AHL

Tom Kühnhackl: Zwischen NHL-Comeback und Stadionsprecher-Karriere

Beim Namen Tom Kühnhackl kommen einem sofort zwei Stanley-Cup-Triumpfe in den Sinn. Aktuell kämpft der 29-jährige Stürmer um die Rückkehr in die NHL. Sollten alle Stricke reißen, winkt auch eine Karriere als Stadionsprecher.
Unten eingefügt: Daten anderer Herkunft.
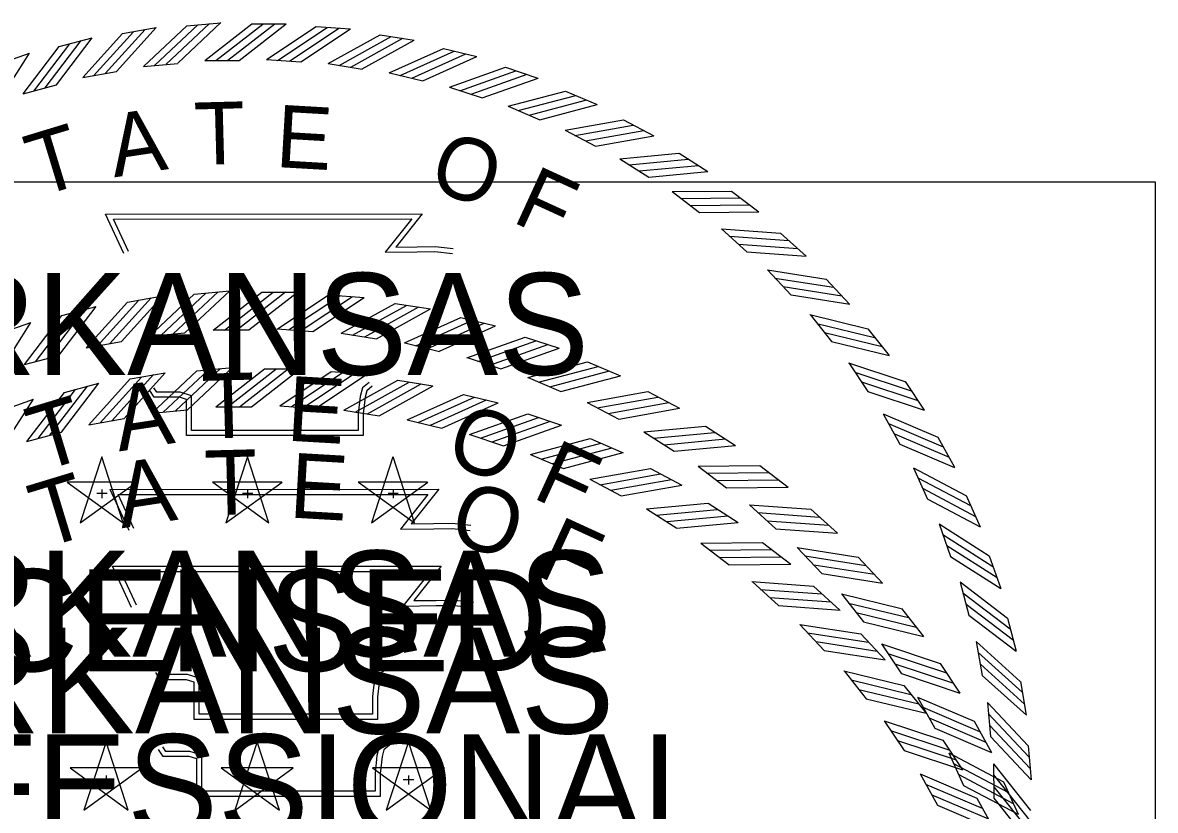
# Model space of a CAD drawing. Extents: x 0 to 1228740, y 0 to 152440.
# Drawn here: x 31.694 to 33.423, y 24.476 to 25.678 of the extents above; entities that cross this region are included whole.
import ezdxf

# ---------------------------------------------------------------- set-up
doc = ezdxf.new("R2010")
doc.units = 0
for name, color, linetype in [('R_No Plot', 7, 'Continuous'), ('STAMP_LKM', 7, 'Continuous'), ('STAMP_PP', 7, 'Continuous'), ('STAMP_SPT', 7, 'Continuous')]:
    doc.layers.add(name, color=color, linetype=linetype)

msp = doc.modelspace()

# ---------------------------------------------------------------- linework, layer by layer
at = {"layer": 'R_No Plot'}
msp.add_lwpolyline([(30.6731, 25.4352), (33.4231, 25.4352), (33.4231, 22.6852), (30.6731, 22.6852)], close=True, dxfattribs=at)
at = {"layer": 'STAMP_LKM'}
for p, q in [((31.8544, 25.2516), (31.9079, 25.2611)), ((31.9562, 25.2638), (32.0104, 25.2688)), ((32.0592, 25.2669), (32.1136, 25.2669)), ((32.1611, 25.2628), (32.2154, 25.2588)), ((31.7539, 25.2311), (31.8065, 25.245)), ((32.2628, 25.2496), (32.3166, 25.2411)), ((32.3631, 25.228), (32.416, 25.2151)), ((31.6554, 25.2024), (31.7067, 25.2205)), ((31.985, 25.209), (32.0395, 25.209)), ((32.0828, 25.2105), (32.1372, 25.2065)), ((31.7913, 25.1817), (31.845, 25.1912)), ((31.8876, 25.1994), (31.9419, 25.2044)), ((32.1805, 25.2039), (32.2344, 25.1954)), ((32.4613, 25.1982), (32.5129, 25.181)), ((32.2773, 25.1893), (32.3303, 25.1764)), ((31.6968, 25.1562), (31.7495, 25.1701)), ((32.3725, 25.1668), (32.4243, 25.1495)), ((32.5566, 25.1605), (32.6066, 25.1391)), ((32.4656, 25.1364), (32.5157, 25.115)), ((32.6485, 25.115), (32.6966, 25.0895)), ((32.5558, 25.0985), (32.604, 25.073)), ((32.6426, 25.0533), (32.6885, 25.0239)), ((32.7364, 25.062), (32.7822, 25.0327)), ((32.7254, 25.001), (32.7687, 24.9679)), ((32.8195, 25.002), (32.8628, 24.969)), ((32.8035, 24.9421), (32.844, 24.9056)), ((32.8974, 24.9353), (32.9378, 24.8988)), ((32.8766, 24.877), (32.9139, 24.8372)), ((32.9696, 24.8624), (33.0068, 24.8227)), ((32.944, 24.806), (32.9779, 24.7633)), ((33.0355, 24.7838), (33.0693, 24.7412)), ((33.0053, 24.7297), (33.0355, 24.6843)), ((33.0946, 24.7001), (33.1248, 24.6548)), ((33.0601, 24.6486), (33.0865, 24.6009)), ((33.1467, 24.6117), (33.173, 24.5641)), ((31.8215, 24.5804), (31.7874, 24.476)), ((31.8554, 24.476), (31.8215, 24.5805)), ((32.0523, 24.5804), (32.0182, 24.476)), ((32.0862, 24.476), (32.0523, 24.5805)), ((32.283, 24.5804), (32.249, 24.476)), ((32.317, 24.476), (32.2831, 24.5805)), ((33.108, 24.5633), (33.1304, 24.5135)), ((31.8763, 24.5405), (31.7665, 24.5406)), ((31.7666, 24.5405), (31.8554, 24.4759)), ((31.7876, 24.476), (31.8765, 24.5405)), ((32.1071, 24.5405), (31.9973, 24.5406)), ((31.9974, 24.5405), (32.0862, 24.4759)), ((32.0183, 24.476), (32.1073, 24.5405)), ((32.3379, 24.5405), (32.2281, 24.5406)), ((32.2282, 24.5405), (32.317, 24.4759)), ((32.2491, 24.476), (32.338, 24.5405)), ((31.8137, 24.523), (31.83, 24.523)), ((31.8216, 24.5288), (31.8216, 24.5151)), ((32.0444, 24.523), (32.0608, 24.523)), ((32.0524, 24.5288), (32.0524, 24.5151)), ((32.2752, 24.523), (32.2915, 24.523)), ((32.2831, 24.5288), (32.2831, 24.5151)), ((33.1913, 24.5193), (33.2136, 24.4697))]:
    msp.add_line(p, q, dxfattribs=at)
for points in [[(31.8449, 25.1912), (31.908, 25.2611)], [(31.8875, 25.1993), (31.9561, 25.2638)], [(31.905, 25.2007), (31.9736, 25.2652)], [(31.9238, 25.2029), (31.9924, 25.2674)], [(31.9418, 25.2044), (32.0104, 25.2689)], [(31.9849, 25.2089), (32.0592, 25.2668)], [(32.0024, 25.2087), (32.0767, 25.2666)], [(32.0213, 25.2092), (32.0956, 25.2671)], [(32.0395, 25.209), (32.1137, 25.2669)], [(32.0828, 25.2104), (32.1611, 25.2627)], [(32.1002, 25.209), (32.1785, 25.2613)], [(32.1191, 25.208), (32.1974, 25.2603)], [(31.7495, 25.1701), (31.8065, 25.245)], [(31.7912, 25.1817), (31.8543, 25.2516)], [(31.8085, 25.1846), (31.8716, 25.2545)], [(31.8271, 25.1883), (31.8901, 25.2582)], [(32.1372, 25.2065), (32.2155, 25.2588)], [(32.1804, 25.2039), (32.2628, 25.2495)], [(32.1977, 25.201), (32.28, 25.2466)], [(32.2164, 25.1985), (32.2988, 25.2441)], [(31.6968, 25.1562), (31.7538, 25.231)], [(31.7137, 25.1605), (31.7708, 25.2353)], [(31.7319, 25.1657), (31.789, 25.2406)], [(32.2343, 25.1955), (32.3166, 25.2411)], [(32.2772, 25.1893), (32.363, 25.228)], [(31.6561, 25.1412), (31.7068, 25.2205)], [(32.2942, 25.185), (32.38, 25.2237)], [(32.3126, 25.1809), (32.3985, 25.2196)], [(32.3302, 25.1765), (32.416, 25.2152)], [(32.3724, 25.1667), (32.4612, 25.1982)], [(32.389, 25.1611), (32.4777, 25.1925)], [(32.4071, 25.1555), (32.4958, 25.187)], [(32.4242, 25.1496), (32.5129, 25.1811)], [(32.4655, 25.1364), (32.5565, 25.1605)], [(32.4815, 25.1294), (32.5726, 25.1534)], [(32.4991, 25.1223), (32.5901, 25.1464)], [(32.5157, 25.1151), (32.6067, 25.1391)], [(32.5557, 25.0985), (32.6484, 25.115)], [(32.5711, 25.0902), (32.6638, 25.1066)], [(32.588, 25.0817), (32.6807, 25.0981)], [(32.604, 25.0731), (32.6967, 25.0895)], [(32.6425, 25.0533), (32.7363, 25.062)], [(32.6572, 25.0437), (32.7509, 25.0524)], [(32.6733, 25.0339), (32.7671, 25.0426)], [(32.6885, 25.024), (32.7822, 25.0327)], [(32.7253, 25.001), (32.8194, 25.002)], [(32.7391, 24.9903), (32.8332, 24.9912)], [(32.7544, 24.9791), (32.8485, 24.9801)], [(32.7687, 24.968), (32.8628, 24.969)], [(31.8565, 24.9027), (31.8275, 24.9655), (32.3293, 24.9658), (32.2874, 24.9131), (32.3215, 24.9136), (32.3499, 24.9139), (32.3784, 24.9108)], [(31.8637, 24.906), (31.8399, 24.9576), (32.3128, 24.9579), (32.2707, 24.905), (32.3216, 24.9056), (32.3496, 24.906), (32.3775, 24.9029)], [(32.8035, 24.9421), (32.8973, 24.9353)], [(32.8163, 24.9303), (32.9102, 24.9235)], [(32.8306, 24.9179), (32.9245, 24.9111)], [(32.844, 24.9056), (32.9379, 24.8988)], [(32.8765, 24.877), (32.9695, 24.8624)], [(32.8883, 24.8641), (32.9814, 24.8496)], [(32.9016, 24.8506), (32.9946, 24.8361)], [(32.9139, 24.8373), (33.0069, 24.8227)], [(32.9439, 24.806), (33.0354, 24.7839)], [(32.9546, 24.7922), (33.0461, 24.77)], [(32.9667, 24.7777), (33.0582, 24.7555)], [(32.9779, 24.7634), (33.0693, 24.7412)], [(33.0052, 24.7297), (33.0946, 24.7001)], [(33.0148, 24.7151), (33.1041, 24.6854)], [(32.2502, 24.6924), (32.2417, 24.6855), (32.2388, 24.6751), (32.236, 24.649), (32.236, 24.6144), (31.9559, 24.6144), (31.9559, 24.6612), (31.9559, 24.6716), (31.9445, 24.6751), (31.9047, 24.6751), (31.8976, 24.6859)], [(32.2452, 24.6986), (32.2347, 24.69), (32.231, 24.6765), (32.2281, 24.6495), (32.2281, 24.6223), (31.9638, 24.6223), (31.9638, 24.6612), (31.9638, 24.6775), (31.9457, 24.683), (31.909, 24.683), (31.9042, 24.6902)], [(33.0256, 24.6996), (33.115, 24.6699)], [(33.0355, 24.6844), (33.1249, 24.6548)], [(33.06, 24.6487), (33.1466, 24.6117)], [(33.0683, 24.6333), (33.1549, 24.5963)], [(33.0779, 24.6169), (33.1645, 24.58)], [(33.0865, 24.601), (33.1731, 24.564)], [(33.1079, 24.5633), (33.1912, 24.5194)], [(33.115, 24.5473), (33.1982, 24.5033)], [(33.1231, 24.5302), (33.2063, 24.4863)], [(33.1304, 24.5136), (33.2136, 24.4697)]]:
    msp.add_lwpolyline(points, dxfattribs=at)
at = {"layer": 'STAMP_PP'}
for p, q in [((31.9447, 25.6733), (31.9968, 25.6781)), ((32.0439, 25.6762), (32.0963, 25.6762)), ((31.8466, 25.6616), (31.8982, 25.6707)), ((32.142, 25.6723), (32.1943, 25.6685)), ((32.24, 25.6596), (32.2918, 25.6514)), ((31.7498, 25.6418), (31.8005, 25.6551)), ((31.655, 25.6141), (31.7044, 25.6316)), ((32.3366, 25.6388), (32.3875, 25.6264)), ((31.8786, 25.6112), (31.9309, 25.616)), ((31.9724, 25.6205), (32.0249, 25.6205)), ((32.0666, 25.6219), (32.119, 25.6181)), ((32.1607, 25.6156), (32.2126, 25.6074)), ((32.4311, 25.6101), (32.4808, 25.5936)), ((31.7858, 25.5943), (31.8376, 25.6034)), ((32.2539, 25.6016), (32.3049, 25.5891)), ((31.6948, 25.5697), (31.7456, 25.5831)), ((32.3456, 25.5798), (32.3955, 25.5632)), ((32.5229, 25.5738), (32.5711, 25.5532)), ((32.4353, 25.5506), (32.4836, 25.53)), ((32.6115, 25.5299), (32.6578, 25.5054)), ((32.5222, 25.5141), (32.5686, 25.4895)), ((32.6058, 25.4705), (32.65, 25.4422)), ((32.6961, 25.4789), (32.7402, 25.4507)), ((32.6855, 25.4202), (32.7272, 25.3883)), ((32.7762, 25.4211), (32.8178, 25.3893)), ((32.7608, 25.3635), (32.7997, 25.3283)), ((32.8512, 25.3569), (32.8901, 25.3218)), ((32.8311, 25.3007), (32.867, 25.2624)), ((32.9207, 25.2867), (32.9565, 25.2485)), ((32.896, 25.2324), (32.9287, 25.1912)), ((32.9841, 25.211), (33.0167, 25.17)), ((32.9551, 25.1589), (32.9842, 25.1152)), ((33.0411, 25.1303), (33.0702, 25.0867)), ((33.0079, 25.0808), (33.0333, 25.0348)), ((33.0913, 25.0452), (33.1166, 24.9994)), ((31.8149, 25.0151), (31.7821, 24.9145)), ((31.8476, 24.9145), (31.815, 25.0152)), ((32.0372, 25.0151), (32.0044, 24.9145)), ((32.0698, 24.9145), (32.0372, 25.0152)), ((32.2594, 25.0151), (32.2267, 24.9145)), ((32.2921, 24.9145), (32.2595, 25.0152)), ((33.054, 24.9986), (33.0755, 24.9507)), ((31.8678, 24.9767), (31.762, 24.9768)), ((31.7621, 24.9767), (31.8476, 24.9144)), ((31.7822, 24.9145), (31.8679, 24.9766)), ((32.09, 24.9767), (31.9842, 24.9768)), ((31.9843, 24.9767), (32.0699, 24.9144)), ((32.0045, 24.9145), (32.0902, 24.9766)), ((32.3123, 24.9767), (32.2065, 24.9768)), ((32.2066, 24.9767), (32.2921, 24.9144)), ((32.2268, 24.9145), (32.3124, 24.9766)), ((31.8074, 24.9598), (31.8231, 24.9598)), ((31.815, 24.9654), (31.815, 24.9521)), ((32.0296, 24.9598), (32.0454, 24.9598)), ((32.0373, 24.9654), (32.0373, 24.9521)), ((32.2519, 24.9598), (32.2676, 24.9598)), ((32.2595, 24.9654), (32.2595, 24.9521)), ((33.1342, 24.9562), (33.1557, 24.9085)), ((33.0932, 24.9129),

Kühnhackl spielt aktuell bei den Bridgeport Sound Tigers in der AHL. Sein letztes NHL-Spiel machte er am 5. August 2020 in der Stanley Cup Qualifikationsrunde für die New York Islanders gegen die Florida Panthers. Danach erhielt er keinen NHL-Vertrag mehr, sondern unterschrieb einen AHL-Kontrakt beim Farmteam der Islanders in Bridgeport. Wie konnte es so weit kommen?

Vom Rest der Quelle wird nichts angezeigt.